Ahh, the Western vs Boss vs Meyer vs etc... It's just like Harley said.

Are you looking for something to just do your driveway or are you going to try to pick up a few bucks when the white gold comes down? Does your F-250 have the plow prep package?

I've used a number of Boss and Western plows over the years and I have to say that I prefer Western to Boss. I know that there are a number of other good brands out there, but those are the two big players in my area and the ones that I have experience using. I would say that you are looking in the right direction with the Pro Plus. For the small difference in cost, the Pro Plus is put together much better than the Pro Plow. I would also say that 8' is the minimum for your truck. That will just cover the wheel width when angled fully. Depending on what you will primarily be plowing, you may want to go for the 8'6".

I also like the Ultra Mount system on the Western better than Boss' system. The drive in mount is super easy to hit; with just a little practice and you can hook up in under two minutes. Drive in, pull the locking pin and rotate the shoe up (repeat on other side), plug in two connections and you're off making money. The receiver brackets are removable so you can take them off during the off season to reduce the weight on the front end and increase clearance. With them off, the mount almost disappears under the front of the truck.

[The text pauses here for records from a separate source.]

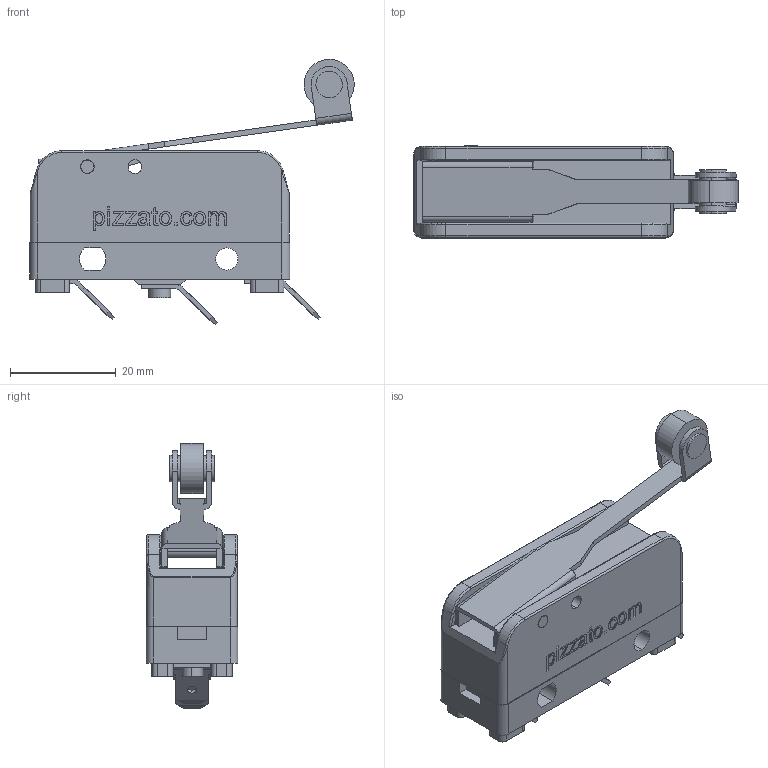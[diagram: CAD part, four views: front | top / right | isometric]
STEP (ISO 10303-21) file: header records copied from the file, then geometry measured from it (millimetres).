
FILE_DESCRIPTION (( 'STEP AP214' ), '1' );
FILE_NAME ('ZF_STEP_MF_40_.step', '2019-08-27T09:23:11', ( 'Pizzato Elettrica' ), ( 'Microsoft' ), 'SwSTEP 2.0', 'SolidWorks 2014', '' );
FILE_SCHEMA (( 'AUTOMOTIVE_DESIGN' ));
Length unit declared in the file: millimetre
Products named in the file (6): MF Base 180+181; Pizzato_Faston_121; Pizzato_base 180+181_MF; ZF_STEP_MF_40_; Pizzato_Leva_MS_40_MK40; Pizzato_Perno Leva
Assembly tree (7 placements, depth 3):
  ZF_STEP_MF_40_
    MF Base 180+181
      Pizzato_base 180+181_MF
      Pizzato_Faston_121  x3
    Pizzato_Perno Leva
    Pizzato_Leva_MS_40_MK40
Bounding box: 61.41 x 17.4 x 50.21 mm (x, y, z)
Volume: 17670.7 mm3; surface area: 10728.2 mm2
Topology: 7 solids, 7 shells, 427 faces, 1115 edges, 734 vertices
Faces by surface type: plane 226, cylinder 120, bspline 73, torus 8
Entity records: 15452 total; most frequent: CARTESIAN_POINT 6088, ORIENTED_EDGE 1990, DIRECTION 1703, EDGE_CURVE 995, VERTEX_POINT 654, LINE 629, VECTOR 629, AXIS2_PLACEMENT_3D 537
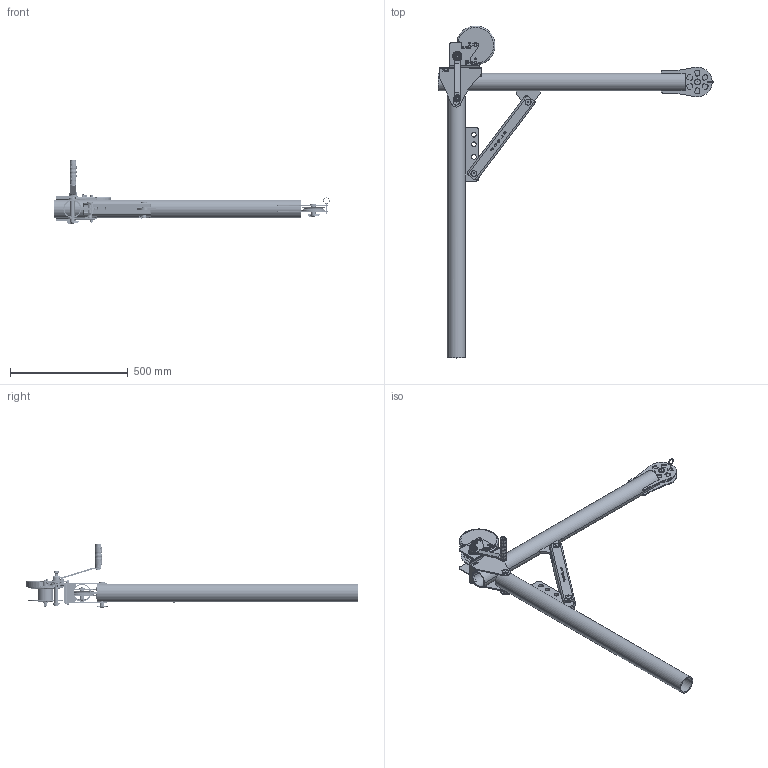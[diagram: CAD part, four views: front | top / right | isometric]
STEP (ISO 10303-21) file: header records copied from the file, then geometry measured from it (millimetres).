
FILE_DESCRIPTION (( 'STEP AP203' ), '1' );
FILE_NAME ('OZ500DAV.STEP', '2022-03-02T20:38:27', ( '' ), ( '' ), 'SwSTEP 2.0', 'SolidWorks 2021', '' );
FILE_SCHEMA (( 'CONFIG_CONTROL_DESIGN' ));
Length unit declared in the file: inch
Products named in the file (26): .375-16 Steel Hex Weld Nut_93560A160; SD7014; SD5003; .375 LOCK WASHER ZINC YELLOW_91104A031; SD5008; .50-13 Steel Hex Weld Nut_93560A180; .375 X 1 HEX BOLT ZINC YELLOW-GRD 8_92620A624; SD5011; SD5007; SD5015; DRI-14; SD7012; .375 FLAT WASHER ZINC YELLOW_98026A031; SD5010; OZ500DAV; SD7005; SD5001; SD5006; SD5009; SD7013; DLB1200A; SD5002; SD5016; SD7004; SD5017; HANG-2
Assembly tree (43 placements, depth 4):
  OZ500DAV
    SD5016
      SD5010
      SD5001
    SD5015
      SD5006
      SD5017
        SD5007
        SD5009  x2
        SD5008  x2
        .50-13 Steel Hex Weld Nut_93560A180  x3
        .375-16 Steel Hex Weld Nut_93560A160  x4
      SD5003  x2
      SD5011
    SD5002
    DLB1200A
    SD7004
    SD7005
    SD7012
    SD7013  x2
    SD7014
    DRI-14
    HANG-2  x4
    .375 X 1 HEX BOLT ZINC YELLOW-GRD 8_92620A624  x3
    .375 LOCK WASHER ZINC YELLOW_91104A031  x3
    .375 FLAT WASHER ZINC YELLOW_98026A031  x3
Bounding box: 1168.37 x 1409.14 x 272.98 mm (x, y, z)
Volume: 3507824.3 mm3; surface area: 1784674.8 mm2
Topology: 39 solids, 78 shells, 4416 faces, 12363 edges, 8130 vertices
Faces by surface type: cylinder 2835, plane 1014, cone 276, bspline 275, torus 16
Entity records: 185939 total; most frequent: CARTESIAN_POINT 84240, DIRECTION 21431, ORIENTED_EDGE 20943, EDGE_CURVE 10503, AXIS2_PLACEMENT_3D 8572, VERTEX_POINT 6932, CIRCLE 5031, VECTOR 4287
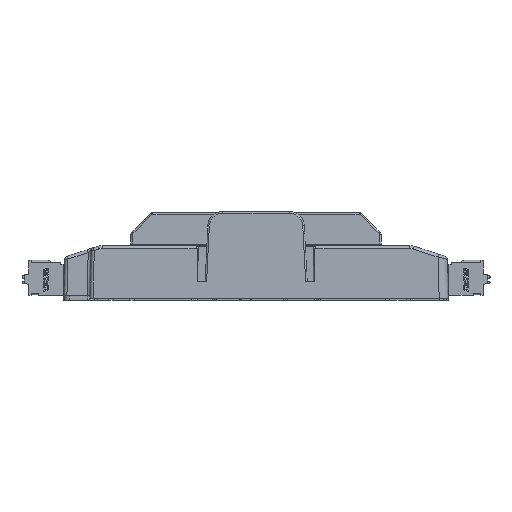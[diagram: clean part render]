
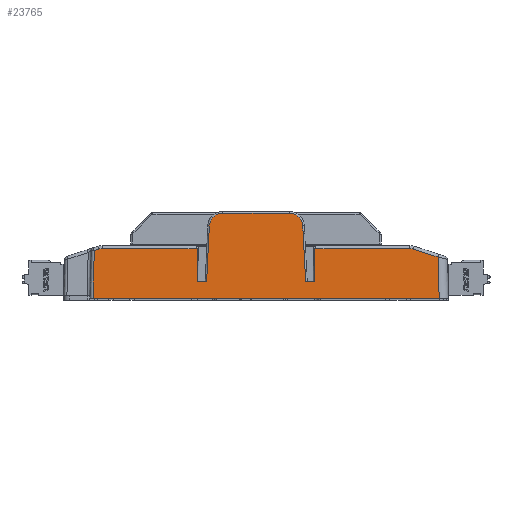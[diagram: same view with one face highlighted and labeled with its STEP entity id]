
A CAD part, front view. The second image highlights one B-rep face of the part: STEP entity #23765.
In plain terms, the highlighted planar face has unit normal (0, -1, 0.026).
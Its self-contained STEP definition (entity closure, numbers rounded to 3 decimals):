
#21253=ELLIPSE('',#83784,4.502,4.5);
#21254=ELLIPSE('',#83788,4.502,4.5);
#21259=ELLIPSE('',#83811,0.5,0.5);
#21263=ELLIPSE('',#83823,0.5,0.5);
#21273=ELLIPSE('',#83866,4.001,4.);
#21278=ELLIPSE('',#83884,4.001,4.);
#23765=ADVANCED_FACE('',(#29461),#26861,.F.);
#26861=PLANE('',#83915);
#29461=FACE_OUTER_BOUND('',#32662,.T.);
#32662=EDGE_LOOP('',(#37713,#37714,#37715,#37716,#37717,#37718,#37719,#37720,
#37721,#37722,#37723,#37724,#37725,#37726,#37727,#37728,#37729,#37730,#37731,
#37732));
#37713=ORIENTED_EDGE('',*,*,#60843,.F.);
#37714=ORIENTED_EDGE('',*,*,#60000,.F.);
#37715=ORIENTED_EDGE('',*,*,#60844,.T.);
#37716=ORIENTED_EDGE('',*,*,#60812,.T.);
#37717=ORIENTED_EDGE('',*,*,#60799,.T.);
#37718=ORIENTED_EDGE('',*,*,#60778,.T.);
#37719=ORIENTED_EDGE('',*,*,#60703,.T.);
#37720=ORIENTED_EDGE('',*,*,#60688,.T.);
#37721=ORIENTED_EDGE('',*,*,#60686,.F.);
#37722=ORIENTED_EDGE('',*,*,#60681,.T.);
#37723=ORIENTED_EDGE('',*,*,#60679,.T.);
#37724=ORIENTED_EDGE('',*,*,#60677,.T.);
#37725=ORIENTED_EDGE('',*,*,#60675,.T.);
#37726=ORIENTED_EDGE('',*,*,#60673,.T.);
#37727=ORIENTED_EDGE('',*,*,#60671,.F.);
#37728=ORIENTED_EDGE('',*,*,#60664,.F.);
#37729=ORIENTED_EDGE('',*,*,#60725,.T.);
#37730=ORIENTED_EDGE('',*,*,#60795,.T.);
#37731=ORIENTED_EDGE('',*,*,#60775,.T.);
#37732=ORIENTED_EDGE('',*,*,#60763,.T.);
#54063=VERTEX_POINT('',#104854);
#54064=VERTEX_POINT('',#104856);
#54529=VERTEX_POINT('',#106530);
#54530=VERTEX_POINT('',#106531);
#54534=VERTEX_POINT('',#106543);
#54535=VERTEX_POINT('',#106547);
#54536=VERTEX_POINT('',#106551);
#54537=VERTEX_POINT('',#106572);
#54538=VERTEX_POINT('',#106576);
#54539=VERTEX_POINT('',#106597);
#54542=VERTEX_POINT('',#106606);
#54543=VERTEX_POINT('',#106610);
#54548=VERTEX_POINT('',#106623);
#54552=VERTEX_POINT('',#106635);
#54567=VERTEX_POINT('',#106721);
#54586=VERTEX_POINT('',#106888);
#54591=VERTEX_POINT('',#106941);
#54593=VERTEX_POINT('',#106958);
#54601=VERTEX_POINT('',#107019);
#54608=VERTEX_POINT('',#107067);
#60000=EDGE_CURVE('',#54063,#54064,#68924,.T.);
#60664=EDGE_CURVE('',#54529,#54530,#69320,.T.);
#60671=EDGE_CURVE('',#54530,#54534,#69325,.T.);
#60673=EDGE_CURVE('',#54535,#54534,#69326,.T.);
#60675=EDGE_CURVE('',#54536,#54535,#21253,.T.);
#60677=EDGE_CURVE('',#54537,#54536,#69327,.T.);
#60679=EDGE_CURVE('',#54538,#54537,#21254,.T.);
#60681=EDGE_CURVE('',#54539,#54538,#69328,.T.);
#60686=EDGE_CURVE('',#54539,#54542,#69332,.T.);
#60688=EDGE_CURVE('',#54543,#54542,#69333,.T.);
#60703=EDGE_CURVE('',#54552,#54543,#21259,.T.);
#60725=EDGE_CURVE('',#54529,#54567,#21263,.T.);
#60763=EDGE_CURVE('',#54586,#54548,#69366,.T.);
#60775=EDGE_CURVE('',#54591,#54586,#21273,.T.);
#60778=EDGE_CURVE('',#54593,#54552,#69371,.T.);
#60795=EDGE_CURVE('',#54567,#54591,#69383,.T.);
#60799=EDGE_CURVE('',#54601,#54593,#21278,.T.);
#60812=EDGE_CURVE('',#54608,#54601,#69388,.T.);
#60843=EDGE_CURVE('',#54064,#54548,#69415,.T.);
#60844=EDGE_CURVE('',#54063,#54608,#69416,.T.);
#68924=LINE('',#104855,#76158);
#69320=LINE('',#106529,#76554);
#69325=LINE('',#106542,#76559);
#69326=LINE('',#106546,#76560);
#69327=LINE('',#106571,#76561);
#69328=LINE('',#106596,#76562);
#69332=LINE('',#106605,#76566);
#69333=LINE('',#106609,#76567);
#69366=LINE('',#106887,#76600);
#69371=LINE('',#106957,#76605);
#69383=LINE('',#107014,#76617);
#69388=LINE('',#107087,#76622);
#69415=LINE('',#107147,#76649);
#69416=LINE('',#107149,#76650);
#76158=VECTOR('',#88224,1.);
#76554=VECTOR('',#89558,1.);
#76559=VECTOR('',#89569,1.);
#76560=VECTOR('',#89574,1.);
#76561=VECTOR('',#89583,1.);
#76562=VECTOR('',#89592,1.);
#76566=VECTOR('',#89600,1.);
#76567=VECTOR('',#89605,1.);
#76600=VECTOR('',#89756,1.);
#76605=VECTOR('',#89793,1.);
#76617=VECTOR('',#89827,1.);
#76622=VECTOR('',#89868,1.);
#76649=VECTOR('',#89927,1.);
#76650=VECTOR('',#89930,1.);
#83784=AXIS2_PLACEMENT_3D('',#106550,#89579,#89580);
#83788=AXIS2_PLACEMENT_3D('',#106575,#89588,#89589);
#83811=AXIS2_PLACEMENT_3D('',#106668,#89641,#89642);
#83823=AXIS2_PLACEMENT_3D('',#106722,#89682,#89683);
#83866=AXIS2_PLACEMENT_3D('',#106940,#89787,#89788);
#83884=AXIS2_PLACEMENT_3D('',#107021,#89837,#89838);
#83915=AXIS2_PLACEMENT_3D('',#107150,#89931,#89932);
#88224=DIRECTION('',(-1.,0.,0.));
#89558=DIRECTION('',(0.009,-0.026,-1.));
#89569=DIRECTION('',(1.,0.,0.));
#89574=DIRECTION('',(-0.047,-0.026,-0.999));
#89579=DIRECTION('',(0.,-1.,0.026));
#89580=DIRECTION('',(0.,-0.026,-1.));
#89583=DIRECTION('',(-1.,0.,0.));
#89588=DIRECTION('',(0.,-1.,0.026));
#89589=DIRECTION('',(0.,0.026,1.));
#89592=DIRECTION('',(-0.052,0.026,0.998));
#89600=DIRECTION('',(1.,0.,0.));
#89605=DIRECTION('',(-0.009,-0.026,-1.));
#89641=DIRECTION('',(0.,-1.,0.026));
#89642=DIRECTION('',(0.,0.026,1.));
#89682=DIRECTION('',(0.,-1.,0.026));
#89683=DIRECTION('',(0.,-0.026,-1.));
#89756=DIRECTION('',(-0.951,-0.008,-0.309));
#89787=DIRECTION('',(0.,-1.,0.026));
#89788=DIRECTION('',(0.,-0.026,-1.));
#89793=DIRECTION('',(-1.,0.,0.));
#89827=DIRECTION('',(-1.,0.,0.));
#89837=DIRECTION('',(0.,-1.,0.026));
#89838=DIRECTION('',(0.,0.026,1.));
#89868=DIRECTION('',(-0.951,0.008,0.309));
#89927=DIRECTION('',(0.026,0.026,0.999));
#89930=DIRECTION('',(-0.026,0.026,0.999));
#89931=DIRECTION('',(0.,1.,-0.026));
#89932=DIRECTION('',(0.,0.026,1.));
#104854=CARTESIAN_POINT('',(-666.051,173.117,7.5));
#104855=CARTESIAN_POINT('',(-731.056,173.117,7.5));
#104856=CARTESIAN_POINT('',(-781.229,173.117,7.5));
#106529=CARTESIAN_POINT('',(-746.415,172.956,1.325));
#106530=CARTESIAN_POINT('',(-746.613,173.55,24.017));
#106531=CARTESIAN_POINT('',(-746.516,173.262,13.));
#106542=CARTESIAN_POINT('',(-669.,173.262,13.));
#106543=CARTESIAN_POINT('',(-743.42,173.262,13.));
#106546=CARTESIAN_POINT('',(-743.774,173.067,5.553));
#106547=CARTESIAN_POINT('',(-742.54,173.747,31.527));
#106550=CARTESIAN_POINT('',(-738.045,173.741,31.313));
#106551=CARTESIAN_POINT('',(-738.045,173.859,35.813));
#106571=CARTESIAN_POINT('',(-678.,173.859,35.813));
#106572=CARTESIAN_POINT('',(-715.941,173.859,35.813));
#106575=CARTESIAN_POINT('',(-715.941,173.741,31.313));
#106576=CARTESIAN_POINT('',(-711.447,173.747,31.549));
#106596=CARTESIAN_POINT('',(-709.786,172.918,-0.136));
#106597=CARTESIAN_POINT('',(-710.475,173.262,13.));
#106605=CARTESIAN_POINT('',(-669.,173.262,13.));
#106606=CARTESIAN_POINT('',(-707.484,173.262,13.));
#106609=CARTESIAN_POINT('',(-707.577,172.982,2.336));
#106610=CARTESIAN_POINT('',(-707.387,173.55,24.017));
#106623=CARTESIAN_POINT('',(-780.814,173.532,23.347));
#106635=CARTESIAN_POINT('',(-707.387,173.55,24.026));
#106668=CARTESIAN_POINT('',(-706.887,173.55,24.013));
#106721=CARTESIAN_POINT('',(-746.613,173.55,24.026));
#106722=CARTESIAN_POINT('',(-747.113,173.55,24.013));
#106887=CARTESIAN_POINT('',(-694.102,174.27,51.521));
#106888=CARTESIAN_POINT('',(-779.326,173.545,23.83));
#106940=CARTESIAN_POINT('',(-778.09,173.446,20.026));
#106941=CARTESIAN_POINT('',(-778.09,173.55,24.026));
#106957=CARTESIAN_POINT('',(-804.,173.55,24.026));
#106958=CARTESIAN_POINT('',(-675.91,173.55,24.026));
#107014=CARTESIAN_POINT('',(-804.,173.55,24.026));
#107019=CARTESIAN_POINT('',(-674.674,173.545,23.83));
#107021=CARTESIAN_POINT('',(-675.91,173.446,20.026));
#107067=CARTESIAN_POINT('',(-666.409,173.475,21.145));
#107087=CARTESIAN_POINT('',(-671.262,173.516,22.722));
#107147=CARTESIAN_POINT('',(-781.302,173.045,4.72));
#107149=CARTESIAN_POINT('',(-665.916,172.982,2.316));
#107150=CARTESIAN_POINT('',(-678.,172.973,2.));
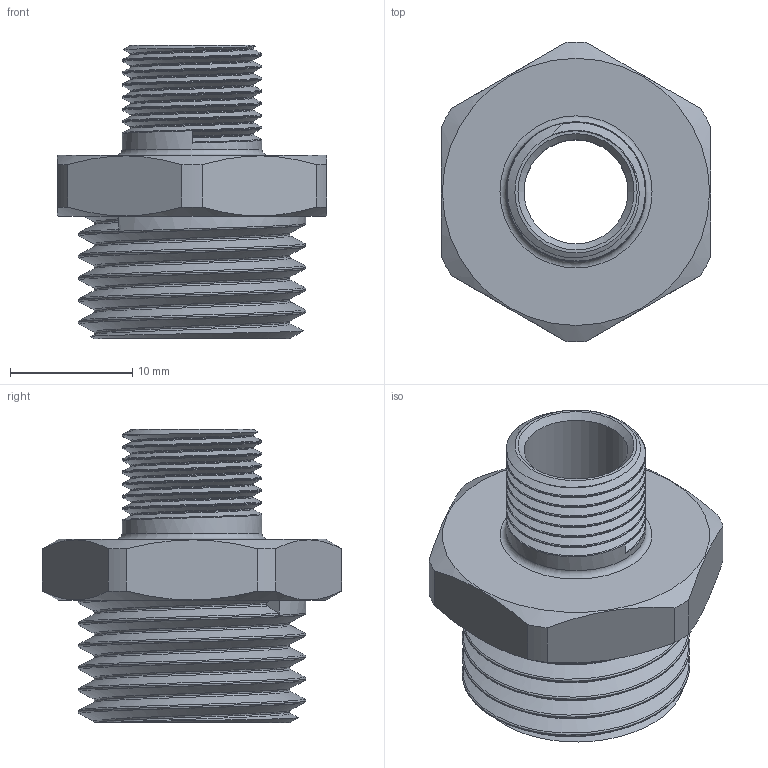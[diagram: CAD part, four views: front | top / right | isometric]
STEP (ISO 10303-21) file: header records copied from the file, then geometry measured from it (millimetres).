
FILE_DESCRIPTION(/* description */ (''),/* implementation_level */ '2;1');
FILE_NAME(/* name */ 'C:\Users\Doom\Desktop\Фадотех\Резьба\N14 18.03.2020\N14 18.03.2020.stp',/* time_stamp */ '2022-01-08T01:21:54+02:00',/* author */ ('Doom'),/* organization */ (''),/* preprocessor_version */ 'ST-DEVELOPER v18',/* originating_system */ 'Autodesk Inventor 2020',/* authorisation */ '');
FILE_SCHEMA (('AUTOMOTIVE_DESIGN { 1 0 10303 214 3 1 1 }'));
Length unit declared in the file: millimetre
Products named in the file (1): N14 18.03.2020
Bounding box: 22 x 24.5 x 24 mm (x, y, z)
Volume: 2570.3 mm3; surface area: 3276.2 mm2
Topology: 1 solids, 1 shells, 57 faces, 163 edges, 110 vertices
Faces by surface type: cylinder 25, bspline 12, plane 12, cone 7, torus 1
Full cylindrical faces by diameter (mm): 8.5 x1, 11.44 x7, 15 x1, 15.94 x1, 18.63 x5
Entity records: 8381 total; most frequent: CARTESIAN_POINT 6975, ORIENTED_EDGE 326, DIRECTION 236, EDGE_CURVE 163, VERTEX_POINT 110, AXIS2_PLACEMENT_3D 97, EDGE_LOOP 61, B_SPLINE_CURVE_WITH_KNOTS 58
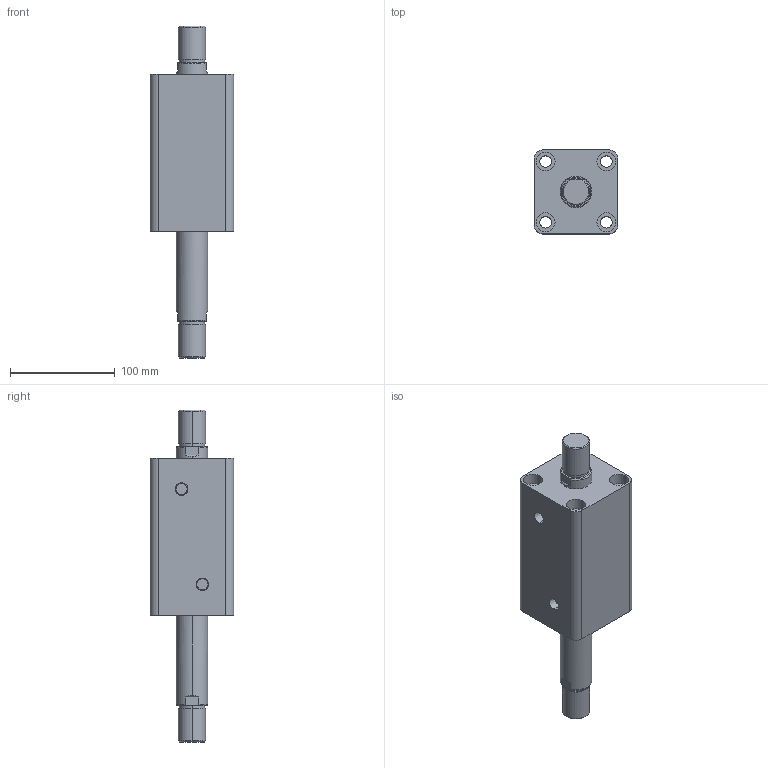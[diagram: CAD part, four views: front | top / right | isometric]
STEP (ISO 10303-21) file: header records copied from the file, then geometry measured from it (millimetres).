
FILE_DESCRIPTION (( 'STEP AP203' ), '1' );
FILE_NAME ('HTB-SW50-75W.STEP', '2019-10-07T09:23:53', ( '微软用户' ), ( '微软中国' ), 'SwSTEP 2.0', 'SolidWorks 2012', '' );
FILE_SCHEMA (( 'CONFIG_CONTROL_DESIGN' ));
Length unit declared in the file: millimetre
Products named in the file (3): HTB-SW50-75W; HTB-SW50-75W活塞杆; HTB-SW50-75掛极
Assembly tree (2 placements, depth 2):
  HTB-SW50-75W
    HTB-SW50-75掛极
    HTB-SW50-75W活塞杆
Bounding box: 80 x 80 x 317 mm (x, y, z)
Volume: 889097.9 mm3; surface area: 136802.8 mm2
Topology: 2 solids, 2 shells, 108 faces, 240 edges, 156 vertices
Faces by surface type: cylinder 52, plane 36, torus 12, cone 8
Entity records: 3449 total; most frequent: CARTESIAN_POINT 629, DIRECTION 586, ORIENTED_EDGE 480, AXIS2_PLACEMENT_3D 249, EDGE_CURVE 240, VERTEX_POINT 156, EDGE_LOOP 138, CIRCLE 136

One area that Boss has on western is response time. The Boss moves a bit faster than the Western, but once you get used to it, it's not a big problem. Western also uses one "brain" for their straight blade and MVP and the same unimount system for each. That means that if you ever want to upgrade to the MVP, you can do it without swapping out all the wiring and the bracket. Just drive up, install an adapter to plug the controller into and you're off.

No, I don't sell plows or have stock in Western. Just passing on my experience with both. BTW, is your F-250 a gas or diesel?


----------



## elkimmeg (Oct 2, 2007)

Western plows are decent plows I have always used fisher 30 year now. Never fond of Meyers plows bu many have had sucess with them as well.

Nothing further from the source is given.